Filter these entries down to the lines that hold the word "LocalOrigin", and show each of them.

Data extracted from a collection
=== Begin Enclosure ===
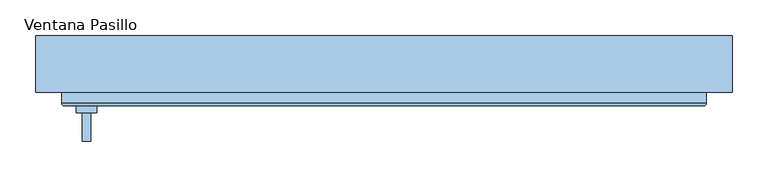
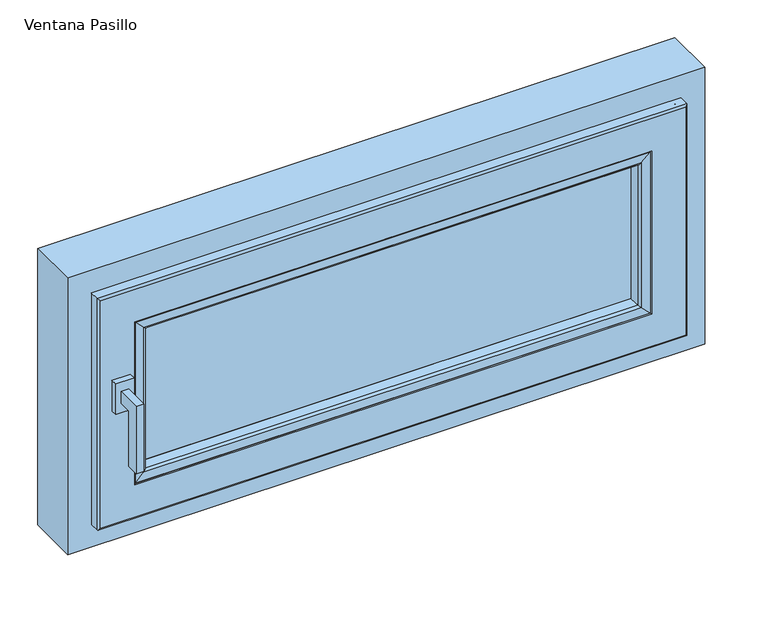
"""IFC4 building model written with IfcOpenShell, lengths in millimetres: window geometry, 2019_ES_Ventana_Replus_re80pvc301_10100_1-Hoja : Ventana Pasillo."""

import ifcopenshell
import ifcopenshell.guid

model = None  # the IFC model being written
_history = None  # IfcOwnerHistory: only IFC2X3 demands one
_inside = {}  # id of a spatial element -> (the spatial element, [elements in it])
_under = {}  # id of a project, library or spatial element -> (it, [spatial elements below it])
_declared = {}  # id of a project -> (the project, [libraries it declares])
_typed = {}  # id of a type object -> (the type object, [elements of that type])
_made_of = {}  # id of a material, layer set ... -> (it, [elements and type objects made of it])


def new_model(schema):
    """Start an empty IFC model of exactly this schema.

    Asked for "IFC4X3", IfcOpenShell would pick the latest addendum, in which some entities
    have other attributes; the version numbers below select the first issue.
    IFC2X3 requires an IfcOwnerHistory on every rooted entity: one is made here for all.
    """
    global model, _history
    if schema == "IFC4X3":
        model = ifcopenshell.file(schema_version=(4, 3, 0, 0))
    else:
        model = ifcopenshell.file(schema=schema)
    _inside.clear()
    _under.clear()
    _declared.clear()
    _typed.clear()
    _made_of.clear()
    _history = None
    if model.schema == "IFC2X3":
        org = make("IfcOrganization", Name="unknown")
        user = make(
            "IfcPersonAndOrganization",
            ThePerson=make("IfcPerson", FamilyName="unknown"),
            TheOrganization=org,
        )
        app = make(
            "IfcApplication",
            ApplicationDeveloper=org,
            Version="unknown",
            ApplicationFullName="unknown",
            ApplicationIdentifier="unknown",
        )
        _history = make(
            "IfcOwnerHistory",
            OwningUser=user,
            OwningApplication=app,
            ChangeAction="ADDED",
            CreationDate=0,
        )
    return model


def make(cls, **values):
    """One entity of the class cls with the attributes given. An attribute that is None is left unset."""
    return model.create_entity(
        cls, **{name: value for name, value in values.items() if value is not None}
    )


def rooted(cls, **values):
    """An entity with a GlobalId (a new one), such as an element, a storey or a relation."""
    return make(cls, GlobalId=ifcopenshell.guid.new(), OwnerHistory=_history, **values)


def si_unit(unit_type, name, prefix=None):
    """IfcSIUnit, for example si_unit("LENGTHUNIT", "METRE", prefix="MILLI")."""
    return make("IfcSIUnit", UnitType=unit_type, Prefix=prefix, Name=name)


def assignment(units):
    """IfcUnitAssignment: the units of a project."""
    return None if units is None else make("IfcUnitAssignment", Units=units)


def point(xyz):
    """IfcCartesianPoint."""
    return None if xyz is None else make("IfcCartesianPoint", Coordinates=xyz)


def direction(xyz):
    """IfcDirection."""
    return None if xyz is None else make("IfcDirection", DirectionRatios=xyz)


def frame(location, z_axis=None, x_axis=None):
    """IfcAxis2Placement3D, a coordinate frame: its origin and axes. An axis left out is left unset."""
    return make(
        "IfcAxis2Placement3D",
        Location=point(location),
        Axis=direction(z_axis),
        RefDirection=direction(x_axis),
    )


def origin():
    """The frame at (0, 0, 0) with its axes left unset."""
    return frame((0.0, 0.0, 0.0))


def place(relative_to, where):
    """IfcLocalPlacement: puts the frame where relative to a parent placement (None: the world)."""
    return make(
        "IfcLocalPlacement", PlacementRelTo=relative_to, RelativePlacement=where
    )


def context(
    kind, dimensions, precision=None, world=None, true_north=None, identifier=None
):
    """IfcGeometricRepresentationContext, for example the 3D "Model" context."""
    return make(
        "IfcGeometricRepresentationContext",
        ContextIdentifier=identifier,
        ContextType=kind,
        CoordinateSpaceDimension=dimensions,
        Precision=precision,
        WorldCoordinateSystem=world,
        TrueNorth=true_north,
    )


def project(units=None, contexts=None):
    """IfcProject with its units and contexts."""
    return rooted(
        "IfcProject",
        Name="project",
        RepresentationContexts=contexts,
        UnitsInContext=assignment(units),
    )


def spatial(cls, under=None, at=None, **own):
    """A site, building, storey or space (cls), placed at a placement, below another one or the project."""
    s = rooted(cls, ObjectPlacement=at, **own)
    if under is not None:
        _under.setdefault(under.id(), (under, []))[1].append(s)
    return s


def polyline(points):
    """IfcPolyline through the points."""
    return make("IfcPolyline", Points=[point(p) for p in points])


def ellipse_curve(where, semi_axis1, semi_axis2):
    """IfcEllipse in the frame where."""
    return make(
        "IfcEllipse", Position=where, SemiAxis1=semi_axis1, SemiAxis2=semi_axis2
    )


def outline(outer, holes=None, kind="AREA"):
    """IfcArbitraryClosedProfileDef: a profile drawn as a closed curve; with holes, ...WithVoids."""
    if holes is None:
        return make("IfcArbitraryClosedProfileDef", ProfileType=kind, OuterCurve=outer)
    return make(
        "IfcArbitraryProfileDefWithVoids",
        ProfileType=kind,
        OuterCurve=outer,
        InnerCurves=holes,
    )


def extrude(swept, where, along, depth):
    """IfcExtrudedAreaSolid: the profile swept, set in the frame where, extruded along a direction by depth."""
    return make(
        "IfcExtrudedAreaSolid",
        SweptArea=swept,
        Position=where,
        ExtrudedDirection=direction(along),
        Depth=depth,
    )


def shape(context_of_items, identifier, shape_type, items):
    """IfcShapeRepresentation: the items that make up one representation, for example the "Body"."""
    return make(
        "IfcShapeRepresentation",
        ContextOfItems=context_of_items,
        RepresentationIdentifier=identifier,
        RepresentationType=shape_type,
        Items=items,
    )


def source(mapping_origin, context_of_items, identifier, shape_type, items):
    """IfcRepresentationMap: a shape defined once, which mapped items show again and again."""
    return make(
        "IfcRepresentationMap",
        MappingOrigin=mapping_origin,
        MappedRepresentation=shape(context_of_items, identifier, shape_type, items),
    )


def transform(
    local_origin,
    x_axis=None,
    y_axis=None,
    z_axis=None,
    scale=None,
    scale2=None,
    scale3=None,
    uniform=True,
):
    """IfcCartesianTransformationOperator3D, or its non-uniform kind. x_axis, y_axis, z_axis: its Axis1, 2, 3."""
    if uniform:
        return make(
            "IfcCartesianTransformationOperator3D",
            Axis1=direction(x_axis),
            Axis2=direction(y_axis),
            LocalOrigin=point(local_origin),
            Scale=scale,
            Axis3=direction(z_axis),
        )
    return make(
        "IfcCartesianTransformationOperator3DnonUniform",
        Axis1=direction(x_axis),
        Axis2=direction(y_axis),
        LocalOrigin=point(local_origin),
        Scale=scale,
        Axis3=direction(z_axis),
        Scale2=scale2,
        Scale3=scale3,
    )


def mapped(mapping_source, mapping_target):
    """IfcMappedItem: shows the shape of a source again, moved by a transform."""
    return make(
        "IfcMappedItem", MappingSource=mapping_source, MappingTarget=mapping_target
    )


def made_of(thing, what):
    """Note that an element or type object is made of a material, layer set ...; save() writes the relation."""
    if what is not None:
        _made_of.setdefault(what.id(), (what, []))[1].append(thing)
    return thing


def element(
    cls,
    number,
    at=None,
    inside=None,
    cuts=None,
    type_object=None,
    material=None,
    context=None,
    identifier="Body",
    shape_type=None,
    held_by="IfcProductDefinitionShape",
    body=None,
    shapes=None,
    **own,
):
    """One element of the class cls, such as IfcWall. Its Tag is "e" and its number.

    at: its placement. inside: the storey or other place that contains it. cuts: it is an
    opening in that element (IfcRelVoidsElement). A single representation is given by context,
    identifier, shape_type and body (its items); several are given by shapes. held_by: the class
    of the entity that holds the representations. save() writes the other relations.
    """
    e = rooted(cls, Tag="e%d" % number, ObjectPlacement=at, **own)
    if body is not None:
        shapes = [shape(context, identifier, shape_type, body)]
    if shapes is not None:
        e.Representation = make(held_by, Representations=shapes)
    if inside is not None:
        _inside.setdefault(inside.id(), (inside, []))[1].append(e)
    if cuts is not None:
        rooted(
            "IfcRelVoidsElement", RelatingBuildingElement=cuts, RelatedOpeningElement=e
        )
    if type_object is not None:
        _typed.setdefault(type_object.id(), (type_object, []))[1].append(e)
    return made_of(e, material)


def aggregate(whole, parts):
    """IfcRelAggregates: a whole, such as a stair, and the parts it consists of."""
    return rooted("IfcRelAggregates", RelatingObject=whole, RelatedObjects=parts)


def save(model, path):
    """Write the relations noted so far, then the file.

    IfcRelAggregates (storeys below a building ...), IfcRelContainedInSpatialStructure (elements
    in a storey), IfcRelDefinesByType, IfcRelAssociatesMaterial and IfcRelDeclares: one each for
    every whole, place, type object, material and project.
    """
    for whole, parts in _under.values():
        aggregate(whole, parts)
    for where, things in _inside.values():
        rooted(
            "IfcRelContainedInSpatialStructure",
            RelatedElements=things,
            RelatingStructure=where,
        )
    for kind, things in _typed.values():
        rooted("IfcRelDefinesByType", RelatedObjects=things, RelatingType=kind)
    for what, things in _made_of.values():
        rooted("IfcRelAssociatesMaterial", RelatedObjects=things, RelatingMaterial=what)
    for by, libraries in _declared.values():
=== End Enclosure ===
ANSWER BELOW
            LocalOrigin=point(local_origin),
        LocalOrigin=point(local_origin),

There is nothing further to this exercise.